The above-mentioned investigations were carried out using one-dimensional (1D) models of the extended solar atmosphere, such as the semi-empirical models of Fontenla et al. (1993) and the hydrodynamical models of Carlsson & Stein (1997). However, both observations (e.g., Vourlidas et al. 2010) and simulations (e.g., Leenaarts et al. 2012) show that the outer solar atmosphere is highly structured and dynamic, departing radically from a uniform, plane-parallel configuration. Thus, the height of the transition region must vary from one place in the atmosphere to another, most probably delineating a highly corrugated surface. It is in this type of spatially complex plasmas where strong transition region lines like Lyα originate. The presence of horizontal atmospheric inhomogeneities in a stellar atmosphere breaks the axial symmetry of the radiation field within the medium, and this type of symmetry breaking may produce changes in the scattering polarization signals that could be confused with those caused by the Hanle effect (e.g., Manso Sainz & Trujillo Bueno 2011; Anusha & Nagendra 2011). It is therefore important to investigate the problem of scattering polarization and the Hanle effect in Lyα using spatially complex models of the outer solar atmosphere, where the physical quantities may vary abruptly not only along the radial direction but also horizontally. To this end, Štěpán & Trujillo Bueno (2012; J. Štěpán & J. Trujillo Bueno, in preparation) have developed a three-dimensional (3D), multilevel radiative transfer code for doing simulations of the spectral line polarization caused by scattering processes and the Hanle and Zeeman effects within the framework of the quantum theory of polarization described in Landi Degl'Innocenti & Landolfi (2004).

This Letter represents a first step toward that goal. Given the complexity of the radiative transfer problem of the Hanle effect in 3D model atmospheres here we start by considering a two-dimensional (2D) model atmosphere characterized by spatially complex variations of the physical quantities at chromospheric and transition region heights, taken from the 3D radiation magnetohydrodynamic (MHD) simulations mentioned below. Of particular interest here is comparing the Q/I and U/I profiles computed assuming B = 0 G at each spatial grid point of the considered MHD atmospheric model with the fractional linear polarization signals calculated taking into account the Hanle effect caused by the model's magnetic field.

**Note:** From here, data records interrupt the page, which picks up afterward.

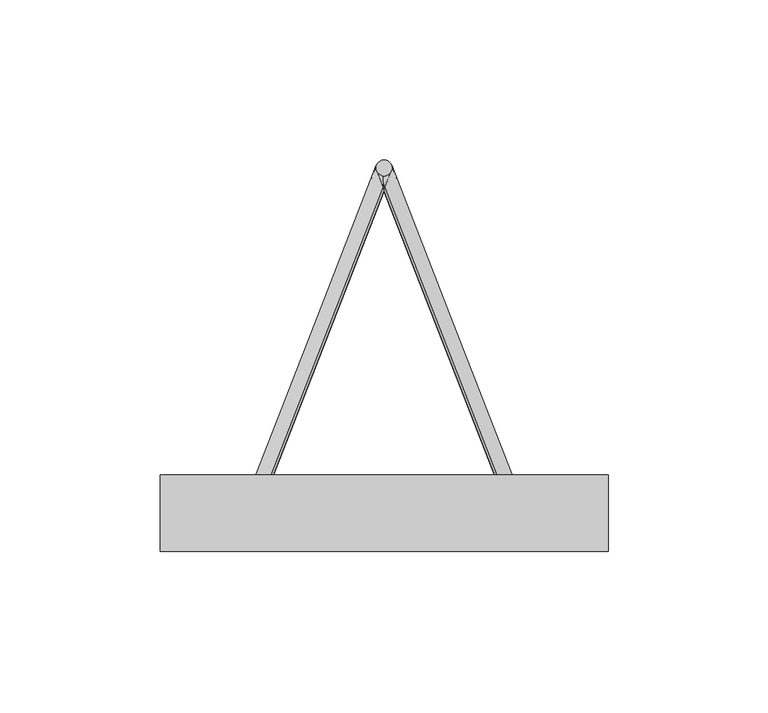
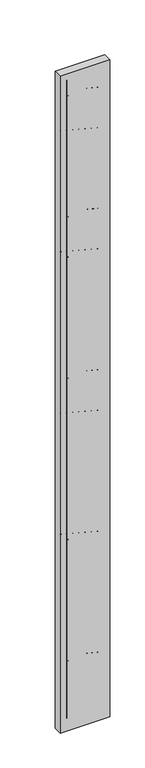
"""IFC4 building model written with IfcOpenShell, lengths in millimetres: proxy geometry, Vigota 1 (Pano 8) (Mf = 193)."""

from ifc_helpers import new_model, si_unit, point, frame, frame_2d, origin, origin_with_axes, origin_2d, place, context, project, spatial, polyline, circle_curve, trimmed, segment, composite_curve, outline, extrude, source, transform, mapped, element, save


def structural_framing_4a41f4d1(model_context):
    return source(origin(), model_context, "Body", "SweptSolid", [
        extrude(outline(polyline([(-70.0, 12.0), (70.0, 12.0), (70.0, -12.0), (-70.0, -12.0), (-70.0, 12.0)])), origin_with_axes(), (0.0, 0.0, 1.0), 1952.601886),
        extrude(outline(composite_curve([segment(trimmed(circle_curve(frame_2d((42.0, 0.0)), 2.5), [point((44.5, 0.0))], [point((39.5, 0.0))], False, "CARTESIAN"), True, "CONTINUOUS"), segment(trimmed(circle_curve(frame_2d((42.0, 0.0)), 2.5), [point((39.5, 0.0))], [point((44.5, 0.0))], False, "CARTESIAN"), True, "CONTINUOUS")], self_intersect=False)), frame((0.0, 0.0, 28.0), z_axis=(0.0, 0.0, 1.0), x_axis=(1.0, 0.0, 0.0)), (0.0, 0.0, 1.0), 1896.601886),
        extrude(outline(composite_curve([segment(trimmed(circle_curve(frame_2d((0.0, 108.0)), 2.5), [point((2.5, 108.0))], [point((-2.5, 108.0))], False, "CARTESIAN"), True, "CONTINUOUS"), segment(trimmed(circle_curve(frame_2d((0.0, 108.0)), 2.5), [point((-2.5, 108.0))], [point((2.5, 108.0))], False, "CARTESIAN"), True, "CONTINUOUS")], self_intersect=False)), frame((0.0, 0.0, 86.300943), z_axis=(0.0, 0.0, 1.0), x_axis=(1.0, 0.0, 0.0)), (0.0, 0.0, 1.0), 1780.0),
        extrude(outline(composite_curve([segment(trimmed(circle_curve(origin_2d(), 2.5), [point((2.5, 0.0))], [point((-2.5, 0.0))], False, "CARTESIAN"), True, "CONTINUOUS"), segment(trimmed(circle_curve(origin_2d(), 2.5), [point((-2.5, 0.0))], [point((2.5, 0.0))], False, "CARTESIAN"), True, "CONTINUOUS")], self_intersect=False)), frame((42.0, 0.0, 76.300943), z_axis=(-0.3218603428886276, 0.8276408817707567, 0.4598004898837537), x_axis=(0.8192319205108605, -3.936835275445103e-11, 0.5734623443750141)), (0.0, 0.0, 1.0), 130.491379),
        extrude(outline(composite_curve([segment(trimmed(circle_curve(origin_2d(), 2.5), [point((2.5, 0.0))], [point((-2.5, 0.0))], False, "CARTESIAN"), True, "CONTINUOUS"), segment(trimmed(circle_curve(origin_2d(), 2.5), [point((-2.5, 0.0))], [point((2.5, 0.0))], False, "CARTESIAN"), True, "CONTINUOUS")], self_intersect=False)), frame((0.0, 108.0, 136.300943), z_axis=(0.3218603428886276, -0.8276408817707567, 0.4598004898837537), x_axis=(0.8192319205108605, -3.936835275445103e-11, -0.5734623443750141)), (0.0, 0.0, 1.0), 130.491379),
        extrude(outline(composite_curve([segment(trimmed(circle_curve(origin_2d(), 2.5), [point((2.5, 0.0))], [point((-2.5, 0.0))], False, "CARTESIAN"), True, "CONTINUOUS"), segment(trimmed(circle_curve(origin_2d(), 2.5), [point((-2.5, 0.0))], [point((2.5, 0.0))], False, "CARTESIAN"), True, "CONTINUOUS")], self_intersect=False)), frame((42.0, 0.0, 196.300943), z_axis=(-0.3218603428886276, 0.8276408817707567, 0.4598004898837537), x_axis=(0.8192319205108605, -3.936835275445103e-11, 0.5734623443750141)), (0.0, 0.0, 1.0), 130.491379),
        extrude(outline(composite_curve([segment(trimmed(circle_curve(origin_2d(), 2.5), [point((2.5, 0.0))], [point((-2.5, 0.0))], False, "CARTESIAN"), True, "CONTINUOUS"), segment(trimmed(circle_curve(origin_2d(), 2.5), [point((-2.5, 0.0))], [point((2.5, 0.0))], False, "CARTESIAN"), True, "CONTINUOUS")], self_intersect=False)), frame((0.0, 108.0, 256.300943), z_axis=(0.3218603428886276, -0.8276408817707567, 0.4598004898837537), x_axis=(0.8192319205108605, -3.936835275445103e-11, -0.5734623443750141)), (0.0, 0.0, 1.0), 130.491379),
        extrude(outline(composite_curve([segment(trimmed(circle_curve(origin_2d(), 2.5), [point((2.5, 0.0))], [point((-2.5, 0.0))], False, "CARTESIAN"), True, "CONTINUOUS"), segment(trimmed(circle_curve(origin_2d(), 2.5), [point((-2.5, 0.0))], [point((2.5, 0.0))], False, "CARTESIAN"), True, "CONTINUOUS")], self_intersect=False)), frame((42.0, 0.0, 316.300943), z_axis=(-0.3218603428886276, 0.8276408817707567, 0.4598004898837537), x_axis=(0.8192319205108605, -3.936835275445103e-11, 0.5734623443750141)), (0.0, 0.0, 1.0), 130.491379),
        extrude(outline(composite_curve([segment(trimmed(circle_curve(origin_2d(), 2.5), [point((2.5, 0.0))], [point((-2.5, 0.0))], False, "CARTESIAN"), True, "CONTINUOUS"), segment(trimmed(circle_curve(origin_2d(), 2.5), [point((-2.5, 0.0))], [point((2.5, 0.0))], False, "CARTESIAN"), True, "CONTINUOUS")], self_intersect=False)), frame((0.0, 108.0, 376.300943), z_axis=(0.3218603428886276, -0.8276408817707567, 0.4598004898837537), x_axis=(0.8192319205108605, -3.936835275445103e-11, -0.5734623443750141)), (0.0, 0.0, 1.0), 130.491379),
        extrude(outline(composite_curve([segment(trimmed(circle_curve(origin_2d(), 2.5), [point((2.5, 0.0))], [point((-2.5, 0.0))], False, "CARTESIAN"), True, "CONTINUOUS"), segment(trimmed(circle_curve(origin_2d(), 2.5), [point((-2.5, 0.0))], [point((2.5, 0.0))], False, "CARTESIAN"), True, "CONTINUOUS")], self_intersect=False)), frame((42.0, 0.0, 436.300943), z_axis=(-0.3218603428886276, 0.8276408817707567, 0.4598004898837537), x_axis=(0.8192319205108605, -3.936835275445103e-11, 0.5734623443750141)), (0.0, 0.0, 1.0), 130.491379),
        extrude(outline(composite_curve([segment(trimmed(circle_curve(origin_2d(), 2.5), [point((2.5, 0.0))], [point((-2.5, 0.0))], False, "CARTESIAN"), True, "CONTINUOUS"), segment(trimmed(circle_curve(origin_2d(), 2.5), [point((-2.5, 0.0))], [point((2.5, 0.0))], False, "CARTESIAN"), True, "CONTINUOUS")], self_intersect=False)), frame((0.0, 108.0, 496.300943), z_axis=(0.3218603428886276, -0.8276408817707567, 0.4598004898837537), x_axis=(0.8192319205108605, -3.936835275445103e-11, -0.5734623443750141)), (0.0, 0.0, 1.0), 130.491379),
        extrude(outline(composite_curve([segment(trimmed(circle_curve(origin_2d(), 2.5), [point((2.5, 0.0))], [point((-2.5, 0.0))], False, "CARTESIAN"), True, "CONTINUOUS"), segment(trimmed(circle_curve(origin_2d(), 2.5), [point((-2.5, 0.0))], [point((2.5, 0.0))], False, "CARTESIAN"), True, "CONTINUOUS")], self_intersect=False)), frame((42.0, 0.0, 556.300943), z_axis=(-0.3218603428886276, 0.8276408817707567, 0.4598004898837537), x_axis=(0.8192319205108605, -3.936835275445103e-11, 0.5734623443750141)), (0.0, 0.0, 1.0), 130.491379),
        extrude(outline(composite_curve([segment(trimmed(circle_curve(origin_2d(), 2.5), [point((2.5, 0.0))], [point((-2.5, 0.0))], False, "CARTESIAN"), True, "CONTINUOUS"), segment(trimmed(circle_curve(origin_2d(), 2.5), [point((-2.5, 0.0))], [point((2.5, 0.0))], False, "CARTESIAN"), True, "CONTINUOUS")], self_intersect=False)), frame((0.0, 108.0, 616.300943), z_axis=(0.3218603428886276, -0.8276408817707567, 0.4598004898837537), x_axis=(0.8192319205108605, -3.936835275445103e-11, -0.5734623443750141)), (0.0, 0.0, 1.0), 130.491379),
        extrude(outline(composite_curve([segment(trimmed(circle_curve(origin_2d(), 2.5), [point((2.5, 0.0))], [point((-2.5, 0.0))], False, "CARTESIAN"), True, "CONTINUOUS"), segment(trimmed(circle_curve(origin_2d(), 2.5), [point((-2.5, 0.0))], [point((2.5, 0.0))], False, "CARTESIAN"), True, "CONTINUOUS")], self_intersect=False)), frame((42.0, 0.0, 676.300943), z_axis=(-0.3218603428886276, 0.8276408817707567, 0.4598004898837537), x_axis=(0.8192319205108605, -3.936835275445103e-11, 0.5734623443750141)), (0.0, 0.0, 1.0), 130.491379),
        extrude(outline(composite_curve([segment(trimmed(circle_curve(origin_2d(), 2.5), [point((2.5, 0.0))], [point((-2.5, 0.0))], False, "CARTESIAN"), True, "CONTINUOUS"), segment(trimmed(circle_curve(origin_2d(), 2.5), [point((-2.5, 0.0))], [point((2.5, 0.0))], False, "CARTESIAN"), True, "CONTINUOUS")], self_intersect=False)), frame((0.0, 108.0, 736.300943), z_axis=(0.3218603428886276, -0.8276408817707567, 0.4598004898837537), x_axis=(0.8192319205108605, -3.936835275445103e-11, -0.5734623443750141)), (0.0, 0.0, 1.0), 130.491379),
        extrude(outline(composite_curve([segment(trimmed(circle_curve(origin_2d(), 2.5), [point((2.5, 0.0))], [point((-2.5, 0.0))], False, "CARTESIAN"), True, "CONTINUOUS"), segment(trimmed(circle_curve(origin_2d(), 2.5), [point((-2.5, 0.0))], [point((2.5, 0.0))], False, "CARTESIAN"), True, "CONTINUOUS")], self_intersect=False)), frame((42.0, 0.0, 796.300943), z_axis=(-0.3218603428886276, 0.8276408817707567, 0.4598004898837537), x_axis=(0.8192319205108605, -3.936835275445103e-11, 0.5734623443750141)), (0.0, 0.0, 1.0), 130.491379),
        extrude(outline(composite_curve([segment(trimmed(circle_curve(origin_2d(), 2.5), [point((2.5, 0.0))], [point((-2.5, 0.0))], False, "CARTESIAN"), True, "CONTINUOUS"), segment(trimmed(circle_curve(origin_2d(), 2.5), [point((-2.5, 0.0))], [point((2.5, 0.0))], False, "CARTESIAN"), True, "CONTINUOUS")], self_intersect=False)), frame((0.0, 108.0, 856.300943), z_axis=(0.3218603428886276, -0.8276408817707567, 0.4598004898837537), x_axis=(0.8192319205108605, -3.936835275445103e-11, -0.5734623443750141)), (0.0, 0.0, 1.0), 130.491379),
        extrude(outline(composite_curve([segment(trimmed(circle_curve(origin_2d(), 2.5), [point((2.5, 0.0))], [point((-2.5, 0.0))], False, "CARTESIAN"), True, "CONTINUOUS"), segment(trimmed(circle_curve(origin_2d(), 2.5), [point((-2.5, 0.0))], [point((2.5, 0.0))], False, "CARTESIAN"), True, "CONTINUOUS")], self_intersect=False)), frame((42.0, 0.0, 916.300943), z_axis=(-0.3218603428886276, 0.8276408817707567, 0.4598004898837537), x_axis=(0.8192319205108605, -3.936835275445103e-11, 0.5734623443750141)), (0.0, 0.0, 1.0), 130.491379),
        extrude(outline(composite_curve([segment(trimmed(circle_curve(origin_2d(), 2.5), [point((2.5, 0.0))], [point((-2.5, 0.0))], False, "CARTESIAN"), True, "CONTINUOUS"), segment(trimmed(circle_curve(origin_2d(), 2.5), [point((-2.5, 0.0))], [point((2.5, 0.0))], False, "CARTESIAN"), True, "CONTINUOUS")], self_intersect=False)), frame((0.0, 108.0, 976.300943), z_axis=(0.3218603428886276, -0.8276408817707567, 0.4598004898837537), x_axis=(0.8192319205108605, -3.936835275445103e-11, -0.5734623443750141)), (0.0, 0.0, 1.0), 130.491379),
        extrude(outline(composite_curve([segment(trimmed(circle_curve(origin_2d(), 2.5), [point((2.5, 0.0))], [point((-2.5, 0.0))], False, "CARTESIAN"), True, "CONTINUOUS"), segment(trimmed(circle_curve(origin_2d(), 2.5), [point((-2.5, 0.0))], [point((2.5, 0.0))], False, "CARTESIAN"), True, "CONTINUOUS")], self_intersect=False)), frame((42.0, 0.0, 1036.300943), z_axis=(-0.3218603428886276, 0.8276408817707567, 0.4598004898837537), x_axis=(0.8192319205108605, -3.936835275445103e-11, 0.5734623443750141)), (0.0, 0.0, 1.0), 130.491379),
        extrude(outline(composite_curve([segment(trimmed(circle_curve(origin_2d(), 2.5), [point((2.5, 0.0))], [point((-2.5, 0.0))], False, "CARTESIAN"), True, "CONTINUOUS"), segment(trimmed(circle_curve(origin_2d(), 2.5), [point((-2.5, 0.0))], [point((2.5, 0.0))], False, "CARTESIAN"), True, "CONTINUOUS")], self_intersect=False)), frame((0.0, 108.0, 1096.300943), z_axis=(0.3218603428886276, -0.8276408817707567, 0.4598004898837537), x_axis=(0.8192319205108605, -3.936835275445103e-11, -0.5734623443750141)), (0.0, 0.0, 1.0), 130.491379),
        extrude(outline(composite_curve([segment(trimmed(circle_curve(origin_2d(), 2.5), [point((2.5, 0.0))], [point((-2.5, 0.0))], False, "CARTESIAN"), True, "CONTINUOUS"), segment(trimmed(circle_curve(origin_2d(), 2.5), [point((-2.5, 0.0))], [point((2.5, 0.0))], False, "CARTESIAN"), True, "CONTINUOUS")], self_intersect=False)), frame((42.0, 0.0, 1156.300943), z_axis=(-0.3218603428886276, 0.8276408817707567, 0.4598004898837537), x_axis=(0.8192319205108605, -3.936835275445103e-11, 0.5734623443750141)), (0.0, 0.0, 1.0), 130.491379),
        extrude(outline(composite_curve([segment(trimmed(circle_curve(origin_2d(), 2.5), [point((2.5, 0.0))], [point((-2.5, 0.0))], False, "CARTESIAN"), True, "CONTINUOUS"), segment(trimmed(circle_curve(origin_2d(), 2.5), [point((-2.5, 0.0))], [point((2.5, 0.0))], False, "CARTESIAN"), True, "CONTINUOUS")], self_intersect=False)), frame((0.0, 108.0, 1216.300943), z_axis=(0.3218603428886276, -0.8276408817707567, 0.4598004898837537), x_axis=(0.8192319205108605, -3.936835275445103e-11, -0.5734623443750141)), (0.0, 0.0, 1.0), 130.491379),
        extrude(outline(composite_curve([segment(trimmed(circle_curve(origin_2d(), 2.5), [point((2.5, 0.0))], [point((-2.5, 0.0))], False, "CARTESIAN"), True, "CONTINUOUS"), segment(trimmed(circle_curve(origin_2d(), 2.5), [point((-2.5, 0.0))], [point((2.5, 0.0))], False, "CARTESIAN"), True, "CONTINUOUS")], self_intersect=False)), frame((42.0, 0.0, 1276.300943), z_axis=(-0.3218603428886276, 0.8276408817707567, 0.4598004898837537), x_axis=(0.8192319205108605, -3.936835275445103e-11, 0.5734623443750141)), (0.0, 0.0, 1.0), 130.491379),
        extrude(outline(composite_curve([segment(trimmed(circle_curve(origin_2d(), 2.5), [point((2.5, 0.0))], [point((-2.5, 0.0))], False, "CARTESIAN"), True, "CONTINUOUS"), segment(trimmed(circle_curve(origin_2d(), 2.5), [point((-2.5, 0.0))], [point((2.5, 0.0))], False, "CARTESIAN"), True, "CONTINUOUS")], self_intersect=False)), frame((0.0, 108.0, 1336.300943), z_axis=(0.3218603428886276, -0.8276408817707567, 0.4598004898837537), x_axis=(0.8192319205108605, -3.936835275445103e-11, -0.5734623443750141)), (0.0, 0.0, 1.0), 130.491379),
        extrude(outline(composite_curve([segment(trimmed(circle_curve(origin_2d(), 2.5), [point((2.5, 0.0))], [point((-2.5, 0.0))], False, "CARTESIAN"), True, "CONTINUOUS"), segment(trimmed(circle_curve(origin_2d(), 2.5), [point((-2.5, 0.0))], [point((2.5, 0.0))], False, "CARTESIAN"), True, "CONTINUOUS")], self_intersect=False)), frame((42.0, 0.0, 1396.300943), z_axis=(-0.3218603428886276, 0.8276408817707567, 0.4598004898837537), x_axis=(0.8192319205108605, -3.936835275445103e-11, 0.5734623443750141)), (0.0, 0.0, 1.0), 130.491379),
        extrude(outline(composite_curve([segment(trimmed(circle_curve(origin_2d(), 2.5), [point((2.5, 0.0))], [point((-2.5, 0.0))], False, "CARTESIAN"), True, "CONTINUOUS"), segment(trimmed(circle_curve(origin_2d(), 2.5), [point((-2.5, 0.0))], [point((2.5, 0.0))], False, "CARTESIAN"), True, "CONTINUOUS")], self_intersect=False)), frame((0.0, 108.0, 1456.300943), z_axis=(0.3218603428886276, -0.8276408817707567, 0.4598004898837537), x_axis=(0.8192319205108605, -3.936835275445103e-11, -0.5734623443750141)), (0.0, 0.0, 1.0), 130.491379),
        extrude(outline(composite_curve([segment(trimmed(circle_curve(origin_2d(), 2.5), [point((2.5, 0.0))], [point((-2.5, 0.0))], False, "CARTESIAN"), True, "CONTINUOUS"), segment(trimmed(circle_curve(origin_2d(), 2.5), [point((-2.5, 0.0))], [point((2.5, 0.0))], False, "CARTESIAN"), True, "CONTINUOUS")], self_intersect=False)), frame((42.0, 0.0, 1516.300943), z_axis=(-0.3218603428886276, 0.8276408817707567, 0.4598004898837537), x_axis=(0.8192319205108605, -3.936835275445103e-11, 0.5734623443750141)), (0.0, 0.0, 1.0), 130.491379),
        extrude(outline(composite_curve([segment(trimmed(circle_curve(origin_2d(), 2.5), [point((2.5, 0.0))], [point((-2.5, 0.0))], False, "CARTESIAN"), True, "CONTINUOUS"), segment(trimmed(circle_curve(origin_2d(), 2.5), [point((-2.5, 0.0))], [point((2.5, 0.0))], False, "CARTESIAN"), True, "CONTINUOUS")], self_intersect=False)), frame((0.0, 108.0, 1576.300943), z_axis=(0.3218603428886276, -0.8276408817707567, 0.4598004898837537), x_axis=(0.8192319205108605, -3.936835275445103e-11, -0.5734623443750141)), (0.0, 0.0, 1.0), 130.491379),
        extrude(outline(composite_curve([segment(trimmed(circle_curve(origin_2d(), 2.5), [point((2.5, 0.0))], [point((-2.5, 0.0))], False, "CARTESIAN"), True, "CONTINUOUS"), segment(trimmed(circle_curve(origin_2d(), 2.5), [point((-2.5, 0.0))], [point((2.5, 0.0))], False, "CARTESIAN"), True, "CONTINUOUS")], self_intersect=False)), frame((42.0, 0.0, 1636.300943), z_axis=(-0.3218603428886276, 0.8276408817707567, 0.4598004898837537), x_axis=(0.8192319205108605, -3.936835275445103e-11, 0.5734623443750141)), (0.0, 0.0, 1.0), 130.491379),
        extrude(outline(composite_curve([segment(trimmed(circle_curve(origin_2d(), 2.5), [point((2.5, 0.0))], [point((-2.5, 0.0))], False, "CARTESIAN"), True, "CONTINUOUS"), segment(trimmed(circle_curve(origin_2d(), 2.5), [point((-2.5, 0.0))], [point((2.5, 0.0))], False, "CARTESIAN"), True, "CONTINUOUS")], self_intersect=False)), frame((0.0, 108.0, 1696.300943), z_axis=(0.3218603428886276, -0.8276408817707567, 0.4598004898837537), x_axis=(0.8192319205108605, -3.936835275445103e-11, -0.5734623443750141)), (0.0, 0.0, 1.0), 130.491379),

We have selected a snapshot from a state-of-the-art radiation MHD simulation performed with the Bifrost code (Gudiksen et al. 2011) taking into account non-equilibrium hydrogen ionization. A snapshot from the same simulation (but 30 s earlier in time), which has a magnetic field configuration representative of an enhanced network region, was used by Leenaarts et al. (2012) and we refer the reader to that paper for details on the 3D structure. Figure 1 illustrates the snapshot we have selected from this simulation. The magnetic field has a predominantly bipolar structure, with magnetic field lines connecting two clusters of photospheric magnetic concentrations of opposite polarity and reaching chromospheric and coronal heights. In this Letter, we consider a 2D model atmosphere extracted from this 3D snapshot; its physical quantities are those found within the Z–Y plane at X = 12 Mm (see the dashed line in Figure 1). Since the magnetic field lines in this 3D snapshot are approximately perpendicular to such a Z–Y plane and the temperature between the magnetic patches shows filamentary structure that follows the general orientation of the magnetic field, we believe that the 2D approximation is reasonable for computing the emergent Stokes profiles for lines of sight (LOS) with azimuths χ = 0° or χ = 180° (i.e., for LOS contained in any Z–X plane).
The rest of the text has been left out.